Gladiator Research and Security

GSA Reference Number: AD111012-01

Simply Put: Cisco has released an advisory for multiple vulnerabilities with Cisco ASA 5500 devices.  This advisory identifies three new denial of service vulnerabilities and one new authentication bypass vulnerability.  An update from Cisco is available to address these issues and should be applied as soon as possible.  Gladiator will be testing this update for compatibility and stability and will then notify affected clients if an update is necessary.

GSA Reference Number: AD100217-01

Simply Put: Cisco has released an advisory for multiple vulnerabilities with Cisco ASA 5500 devices.  This advisory identifies six new denial of service vulnerabilities and one new authentication bypass vulnerability.  An update from Cisco is available to address these issues and should be applied as soon as possible.  Gladiator will be testing this update for compatibility and stability and will then notify affected clients if an update is necessary.

GSA Reference Number: AD090925-01

Simply Put: Cisco has announced eleven new vulnerabilities in multiple Cisco products.  Nine of the vulnerabilities affect Cisco’s IOS – the operating system for many Cisco devices.  Cisco IOS is present on Cisco routers and switches.  Two more vulnerabilities affect Unified Communications Manager.  The vulnerabilities cover denial of service and authentication bypass on IOS, as well as denial of service and remote code execution on Unified Communications Manager.   Many of these vulnerabilities are considered Critical by Gladiator, since a denial of service on a router would result in loss of Internet access.  Note: Cisco Firewalls do not run Cisco IOS and are not vulnerable to these issues.

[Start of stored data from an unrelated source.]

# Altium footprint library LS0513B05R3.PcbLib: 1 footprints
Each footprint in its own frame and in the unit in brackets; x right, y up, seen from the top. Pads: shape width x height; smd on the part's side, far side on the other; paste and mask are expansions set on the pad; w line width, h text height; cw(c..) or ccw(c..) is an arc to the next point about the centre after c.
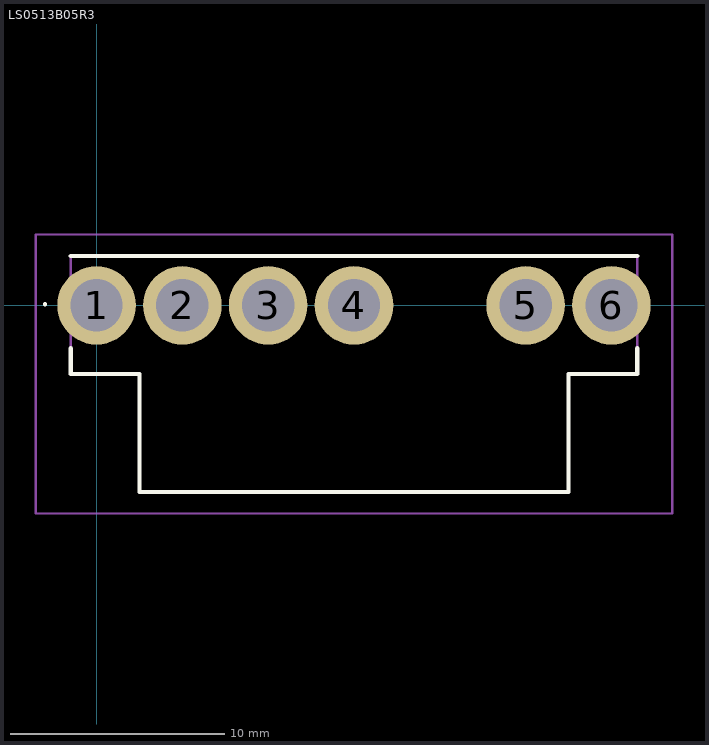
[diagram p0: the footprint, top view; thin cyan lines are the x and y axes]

## LS0513B05R3 [mm]
pads (6):
  round 3.66 hole 2.44: 1(0,0) 2(4,0) 3(8,0) 4(12,0) 5(20,0) 6(24,0)
Top Overlay:
  lines w0.1: -2.4,0 -2.4,0 ; -2.4,0 ccw(c-2.4,0.05) -2.4,0.1 ; -2.4,0 cw(c-2.4,0.05) -2.4,0.1 ; -2.4,0.1 -2.4,0.1
  lines w0.2: -1.2,-2 -1.2,-3.2 2,-3.2 2,-8.7 22,-8.7 22,-3.2 25.2,-3.2 25.2,-2 ; -1.2,2.3 25.2,2.3
Mechanical 15:
  lines w0.1: -1.2,-3.2 -1.2,2.3 25.2,2.3 25.2,-3.2 22,-3.2 22,-8.7 2,-8.7 2,-3.2 -1.2,-3.2
Mechanical 20:
  lines w0.1: -2.83,-9.7 26.83,-9.7 26.83,3.3 -2.83,3.3 -2.83,-9.7
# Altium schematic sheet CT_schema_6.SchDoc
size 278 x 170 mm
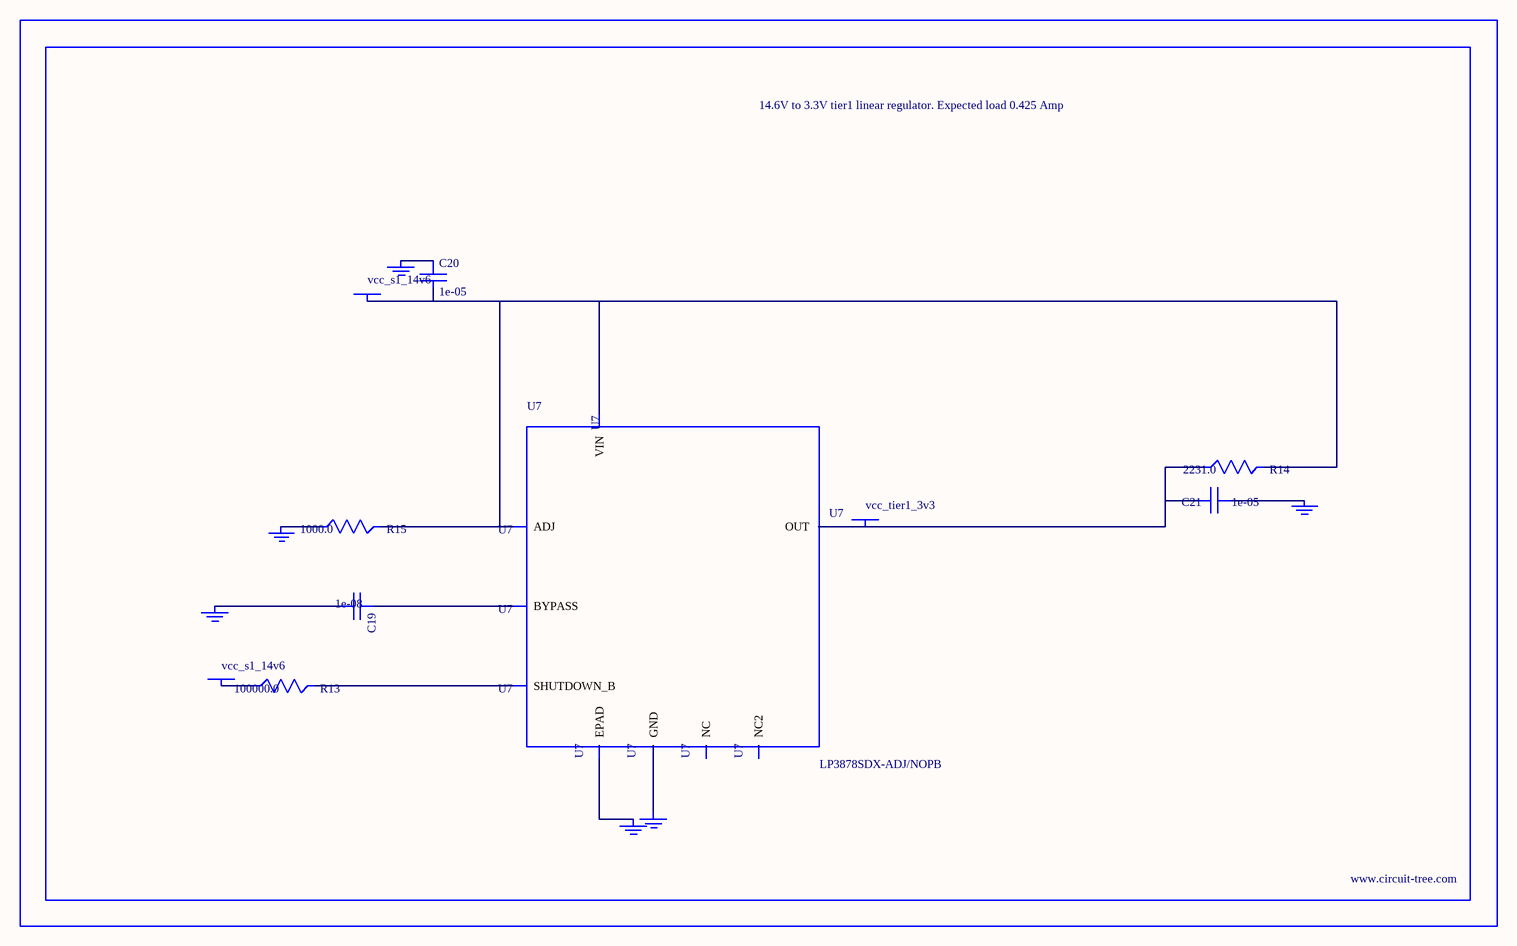
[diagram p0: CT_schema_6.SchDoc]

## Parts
BORDER5  (no value)
C19  1e-08  [C0402]
C20  1e-05  [C1210]
C21  1e-05  [C1210]
GND_INSTANCE_5_0  (no value)
GND_INSTANCE_5_1  (no value)
GND_INSTANCE_5_2  (no value)
GND_INSTANCE_5_3  (no value)
GND_INSTANCE_5_4  (no value)
GND_INSTANCE_5_5  (no value)
POWER_INSTANCE_5_0  vcc_s1_14v6
POWER_INSTANCE_5_1  vcc_s1_14v6
POWER_INSTANCE_5_2  vcc_tier1_3v3
R13  100000.0  [R0603]
R14  2231.0  [R0603]
R15  1000.0  [R0603]
U7  LP3878SDX-ADJ/NOPB  [WSON-8]

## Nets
NetC19_1: C19.1 U7.1(BYPASS)
NetC19_2: C19.2 GND_INSTANCE_5_0.0(GND)
NetC20_1: C20.1 GND_INSTANCE_5_1.0(GND)
NetC20_2: C20.2 POWER_INSTANCE_5_0.0(PWR) R14.2 R15.2 U7.4(VIN) U7.6(ADJ)
NetC21_1: C21.1 GND_INSTANCE_5_2.0(GND)
NetC21_2: C21.2 POWER_INSTANCE_5_2.0(PWR) R14.1 U7.5(OUT)
NetGND_INSTANCE_5_3_0: GND_INSTANCE_5_3.0(GND) R15.1
NetGND_INSTANCE_5_4_0: GND_INSTANCE_5_4.0(GND) U7.PAD(EPAD)
NetGND_INSTANCE_5_5_0: GND_INSTANCE_5_5.0(GND) U7.3(GND)
NetPOWER_INSTANCE_5_1_0: POWER_INSTANCE_5_1.0(PWR) R13.1
NetR13_2: R13.2 U7.8(SHUTDOWN_B)

Not connected (* = marked no-connect by the designer): U7 2(NC) 7(NC2)

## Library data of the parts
BORDER5 = BORDER_PAGE5
C19 = C0402C103K3RAC
C20 = C1210C106K5PACTU
C21 = GRM32DR61E106MA12L
GND_INSTANCE_5_0-GND_INSTANCE_5_5 = GND
POWER_INSTANCE_5_0-POWER_INSTANCE_5_2 = PWR
R13 = RC0603JR-07100KL
R14 = R14
R15 = RC0603JR-071KL

GSA Reference Number: AD090909-01

Simply Put: Cisco has announced a new vulnerability in multiple Cisco products, including Cisco ASA and PIX appliances and routers.  The vulnerability covers a resource exhaustion issue with TCP connections, which causes a denial of service.  Some devices may need to be rebooted to fully recover.  This vulnerability is considered Critical by Gladiator. We will be reviewing all CoreDEFENSE-monitored Cisco ASA and PIX devices for susceptibility.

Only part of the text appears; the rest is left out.